Murine lung adenocarcinoma tissue lysates were prepared and analyzed by immunobloting as previously described . Briefly, using modified RIPA lysis buffer with protease and phosphatase inhibitors, we lysed the tissues using the tissue lyser (Qiagen) according to manufacturer’s protocol. Total proteins were measured using a modified Lowry method. The lysates were denatured via the SDS loading buffer, and SDS-polyacrylamide (4-15%) gel electrophoresis was carried out. Proteins were transferred to nitrocellulose membrane and probed with antibodies against the proteins discussed in the figures. We developed the blots by chemiluminescence using Odessey Fc Imager (Licor).
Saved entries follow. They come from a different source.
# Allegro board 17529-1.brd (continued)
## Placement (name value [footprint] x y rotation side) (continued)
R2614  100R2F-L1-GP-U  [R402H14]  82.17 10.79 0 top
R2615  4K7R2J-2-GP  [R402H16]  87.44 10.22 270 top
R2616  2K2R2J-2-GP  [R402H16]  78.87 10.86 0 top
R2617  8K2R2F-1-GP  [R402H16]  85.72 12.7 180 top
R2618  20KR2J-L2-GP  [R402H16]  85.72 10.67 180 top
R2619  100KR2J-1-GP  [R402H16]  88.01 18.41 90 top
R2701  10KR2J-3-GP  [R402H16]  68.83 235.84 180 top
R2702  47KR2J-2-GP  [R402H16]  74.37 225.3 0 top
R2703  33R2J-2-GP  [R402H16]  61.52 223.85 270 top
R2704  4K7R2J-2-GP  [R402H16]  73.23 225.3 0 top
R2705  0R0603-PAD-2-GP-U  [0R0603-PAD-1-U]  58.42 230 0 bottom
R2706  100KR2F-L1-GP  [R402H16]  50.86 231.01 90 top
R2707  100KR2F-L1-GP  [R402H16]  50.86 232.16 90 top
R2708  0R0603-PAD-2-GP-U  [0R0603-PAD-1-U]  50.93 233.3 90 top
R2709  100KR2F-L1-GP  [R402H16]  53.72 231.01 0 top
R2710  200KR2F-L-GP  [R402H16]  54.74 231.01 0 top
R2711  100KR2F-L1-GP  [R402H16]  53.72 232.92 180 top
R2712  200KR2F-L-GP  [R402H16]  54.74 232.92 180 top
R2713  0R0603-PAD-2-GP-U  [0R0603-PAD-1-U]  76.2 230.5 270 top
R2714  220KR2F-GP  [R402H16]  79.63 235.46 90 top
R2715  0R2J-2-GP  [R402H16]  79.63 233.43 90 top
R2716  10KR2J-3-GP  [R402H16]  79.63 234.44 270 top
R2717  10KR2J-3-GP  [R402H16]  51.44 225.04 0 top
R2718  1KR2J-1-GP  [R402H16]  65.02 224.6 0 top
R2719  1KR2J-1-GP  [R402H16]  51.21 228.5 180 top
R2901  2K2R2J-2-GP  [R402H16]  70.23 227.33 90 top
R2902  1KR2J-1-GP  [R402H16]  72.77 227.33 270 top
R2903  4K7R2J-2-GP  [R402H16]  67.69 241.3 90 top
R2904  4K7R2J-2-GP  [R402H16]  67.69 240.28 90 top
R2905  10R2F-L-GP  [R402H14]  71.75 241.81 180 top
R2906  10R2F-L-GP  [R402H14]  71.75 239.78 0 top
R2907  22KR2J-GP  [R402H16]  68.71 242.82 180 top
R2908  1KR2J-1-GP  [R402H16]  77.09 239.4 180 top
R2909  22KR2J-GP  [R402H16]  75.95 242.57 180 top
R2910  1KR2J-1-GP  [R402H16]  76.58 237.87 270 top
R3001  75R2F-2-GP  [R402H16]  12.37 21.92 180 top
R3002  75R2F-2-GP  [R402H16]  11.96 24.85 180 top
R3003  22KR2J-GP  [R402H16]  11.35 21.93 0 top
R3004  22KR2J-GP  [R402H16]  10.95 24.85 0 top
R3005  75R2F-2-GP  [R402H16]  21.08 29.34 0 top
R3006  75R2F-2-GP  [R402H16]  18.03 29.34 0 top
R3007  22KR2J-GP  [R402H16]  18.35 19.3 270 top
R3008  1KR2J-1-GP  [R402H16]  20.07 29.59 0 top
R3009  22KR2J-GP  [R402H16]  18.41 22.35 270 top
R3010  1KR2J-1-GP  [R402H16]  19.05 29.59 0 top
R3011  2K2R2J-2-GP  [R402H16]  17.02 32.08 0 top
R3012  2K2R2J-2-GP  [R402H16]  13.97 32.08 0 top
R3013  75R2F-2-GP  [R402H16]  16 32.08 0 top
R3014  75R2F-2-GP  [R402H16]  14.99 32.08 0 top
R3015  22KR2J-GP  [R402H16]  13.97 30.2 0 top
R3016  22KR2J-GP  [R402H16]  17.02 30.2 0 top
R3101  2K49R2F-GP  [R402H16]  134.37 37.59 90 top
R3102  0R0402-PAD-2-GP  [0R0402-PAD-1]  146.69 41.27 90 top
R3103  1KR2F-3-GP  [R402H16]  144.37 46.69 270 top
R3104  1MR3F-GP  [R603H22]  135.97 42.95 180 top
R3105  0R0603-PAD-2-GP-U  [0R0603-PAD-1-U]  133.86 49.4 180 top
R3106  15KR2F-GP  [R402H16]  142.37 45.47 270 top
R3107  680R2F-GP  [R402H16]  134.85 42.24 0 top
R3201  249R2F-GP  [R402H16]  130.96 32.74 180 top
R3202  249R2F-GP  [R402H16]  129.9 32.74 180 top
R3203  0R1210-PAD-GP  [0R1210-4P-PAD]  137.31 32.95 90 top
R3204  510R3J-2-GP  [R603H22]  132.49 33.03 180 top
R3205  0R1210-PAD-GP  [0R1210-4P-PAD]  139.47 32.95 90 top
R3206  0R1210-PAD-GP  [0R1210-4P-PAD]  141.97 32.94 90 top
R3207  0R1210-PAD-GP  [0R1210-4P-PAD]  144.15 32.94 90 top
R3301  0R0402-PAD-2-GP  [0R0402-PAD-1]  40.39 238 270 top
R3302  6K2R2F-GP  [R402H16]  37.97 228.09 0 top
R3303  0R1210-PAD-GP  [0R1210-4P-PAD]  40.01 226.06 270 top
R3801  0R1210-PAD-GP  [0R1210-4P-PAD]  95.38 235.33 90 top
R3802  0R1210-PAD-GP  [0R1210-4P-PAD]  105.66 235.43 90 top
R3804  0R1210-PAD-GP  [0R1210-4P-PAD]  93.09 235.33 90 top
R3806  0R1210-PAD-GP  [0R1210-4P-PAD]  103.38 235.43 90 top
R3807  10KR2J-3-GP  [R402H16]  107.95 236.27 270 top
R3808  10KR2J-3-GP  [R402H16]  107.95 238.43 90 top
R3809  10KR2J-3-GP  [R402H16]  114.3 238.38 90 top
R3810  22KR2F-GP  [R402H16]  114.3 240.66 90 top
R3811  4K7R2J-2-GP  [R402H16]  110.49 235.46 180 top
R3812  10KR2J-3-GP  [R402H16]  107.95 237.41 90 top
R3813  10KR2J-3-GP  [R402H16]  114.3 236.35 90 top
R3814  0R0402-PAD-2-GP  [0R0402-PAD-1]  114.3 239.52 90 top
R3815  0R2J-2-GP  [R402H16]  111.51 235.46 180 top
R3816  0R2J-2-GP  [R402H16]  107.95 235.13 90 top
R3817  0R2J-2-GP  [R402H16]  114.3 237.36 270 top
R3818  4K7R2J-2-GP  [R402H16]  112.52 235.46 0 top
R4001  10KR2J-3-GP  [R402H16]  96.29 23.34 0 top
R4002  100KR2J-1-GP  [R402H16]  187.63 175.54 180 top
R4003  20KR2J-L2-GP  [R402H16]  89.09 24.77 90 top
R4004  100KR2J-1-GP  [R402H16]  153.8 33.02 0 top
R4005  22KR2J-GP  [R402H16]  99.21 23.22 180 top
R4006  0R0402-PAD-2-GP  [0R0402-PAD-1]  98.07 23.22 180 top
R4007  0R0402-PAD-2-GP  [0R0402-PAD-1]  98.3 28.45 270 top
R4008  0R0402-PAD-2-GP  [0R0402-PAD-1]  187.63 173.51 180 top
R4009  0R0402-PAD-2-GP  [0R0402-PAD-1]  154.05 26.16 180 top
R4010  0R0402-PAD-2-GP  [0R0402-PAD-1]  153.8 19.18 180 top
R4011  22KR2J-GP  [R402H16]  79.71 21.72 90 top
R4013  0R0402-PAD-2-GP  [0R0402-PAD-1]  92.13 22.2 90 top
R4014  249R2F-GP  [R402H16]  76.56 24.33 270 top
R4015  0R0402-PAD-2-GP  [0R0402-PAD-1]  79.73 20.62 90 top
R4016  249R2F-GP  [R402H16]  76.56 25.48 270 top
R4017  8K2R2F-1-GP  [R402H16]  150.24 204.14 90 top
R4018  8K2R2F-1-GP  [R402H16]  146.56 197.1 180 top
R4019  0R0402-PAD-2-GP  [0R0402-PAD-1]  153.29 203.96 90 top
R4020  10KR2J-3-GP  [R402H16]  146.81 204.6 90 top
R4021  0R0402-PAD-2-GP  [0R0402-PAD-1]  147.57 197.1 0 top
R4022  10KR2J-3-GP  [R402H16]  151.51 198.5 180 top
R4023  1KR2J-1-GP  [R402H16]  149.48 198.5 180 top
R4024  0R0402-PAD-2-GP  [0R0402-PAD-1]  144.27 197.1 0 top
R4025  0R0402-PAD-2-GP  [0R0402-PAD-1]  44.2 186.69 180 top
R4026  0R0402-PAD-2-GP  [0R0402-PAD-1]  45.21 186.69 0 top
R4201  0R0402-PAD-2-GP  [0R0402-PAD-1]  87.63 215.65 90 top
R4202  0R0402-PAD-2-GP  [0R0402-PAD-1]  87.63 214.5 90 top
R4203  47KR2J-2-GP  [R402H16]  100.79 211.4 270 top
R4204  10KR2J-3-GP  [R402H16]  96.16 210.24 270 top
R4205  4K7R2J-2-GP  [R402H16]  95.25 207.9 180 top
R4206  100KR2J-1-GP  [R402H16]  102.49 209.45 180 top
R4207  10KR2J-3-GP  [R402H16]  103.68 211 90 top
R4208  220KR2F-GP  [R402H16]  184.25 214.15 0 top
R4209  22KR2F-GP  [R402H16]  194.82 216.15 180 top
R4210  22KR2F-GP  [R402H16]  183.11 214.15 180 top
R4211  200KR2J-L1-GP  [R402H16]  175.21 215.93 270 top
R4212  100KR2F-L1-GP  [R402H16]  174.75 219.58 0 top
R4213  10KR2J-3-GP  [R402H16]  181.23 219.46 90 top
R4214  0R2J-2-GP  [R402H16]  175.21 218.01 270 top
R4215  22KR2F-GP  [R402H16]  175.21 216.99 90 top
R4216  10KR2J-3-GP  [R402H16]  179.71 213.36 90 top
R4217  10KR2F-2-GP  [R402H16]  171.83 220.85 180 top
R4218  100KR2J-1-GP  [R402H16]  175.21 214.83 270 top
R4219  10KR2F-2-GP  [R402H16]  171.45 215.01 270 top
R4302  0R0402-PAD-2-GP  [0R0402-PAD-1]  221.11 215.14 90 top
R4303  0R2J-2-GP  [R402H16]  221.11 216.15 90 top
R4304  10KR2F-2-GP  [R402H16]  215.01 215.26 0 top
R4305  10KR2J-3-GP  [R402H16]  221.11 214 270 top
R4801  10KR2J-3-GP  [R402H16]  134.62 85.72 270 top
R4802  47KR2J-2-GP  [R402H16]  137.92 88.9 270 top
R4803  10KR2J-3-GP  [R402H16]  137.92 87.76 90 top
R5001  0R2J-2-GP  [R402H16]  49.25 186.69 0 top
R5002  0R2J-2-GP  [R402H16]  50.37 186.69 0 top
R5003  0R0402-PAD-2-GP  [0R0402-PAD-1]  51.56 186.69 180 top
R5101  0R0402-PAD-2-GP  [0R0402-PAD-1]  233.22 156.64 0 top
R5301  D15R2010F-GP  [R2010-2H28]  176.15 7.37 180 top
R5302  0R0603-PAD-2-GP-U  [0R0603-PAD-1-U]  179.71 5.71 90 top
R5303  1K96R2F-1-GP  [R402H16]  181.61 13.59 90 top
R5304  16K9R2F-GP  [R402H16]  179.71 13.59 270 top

The following antibodies were obtained from Cell Signaling Technology: EGFR; pEGFR(Y1068); AKT; pAKT(T308); ERK; pERK; STAT3; and pSTAT3. Pro-SPC was procured from Millipore and ACTIN from Sigma-Aldrich.
Student t tests were performed to assess the significance of before-and-after-therapy change as determined by MRI or PET imaging. For comparisons between two cohorts, statistical analyses were performed using a Student t test, and P < 0.05 was considered significant. GraphPad Prism 6 (GraphPad) was employed for statistical analysis. All numerical data are presented as mean ± SEM. Symbols indicating statistical significance are as follows (unless indicated otherwise): *, P < 0.05; **, P < 0.01; ***, P < 0.005.
This research was supported by the Intramural Research Program of the NIH, Center for Cancer Research, National Cancer Institute and Lung Cancer Research Foundation (LCRF), grant (to U. Guha). Authors thank Donna Butcher and Brad A. Gouker (Frederick National Laboratory for Cancer Research) for their assistance with histopathology. Authors also thank Mihela E Lupu (small animal imaging, Memorial Sloan-Kettering Cancer Center, NY) for the assistance with MRI.
Conflicts of Interest
The authors do not have any conflicts of interest.
This research was supported by the Intramural Research Program of the NIH / NCI / Center for Cancer Research (CCR) and a Lung Cancer Research Foundation (LCRF) grant (U. Guha).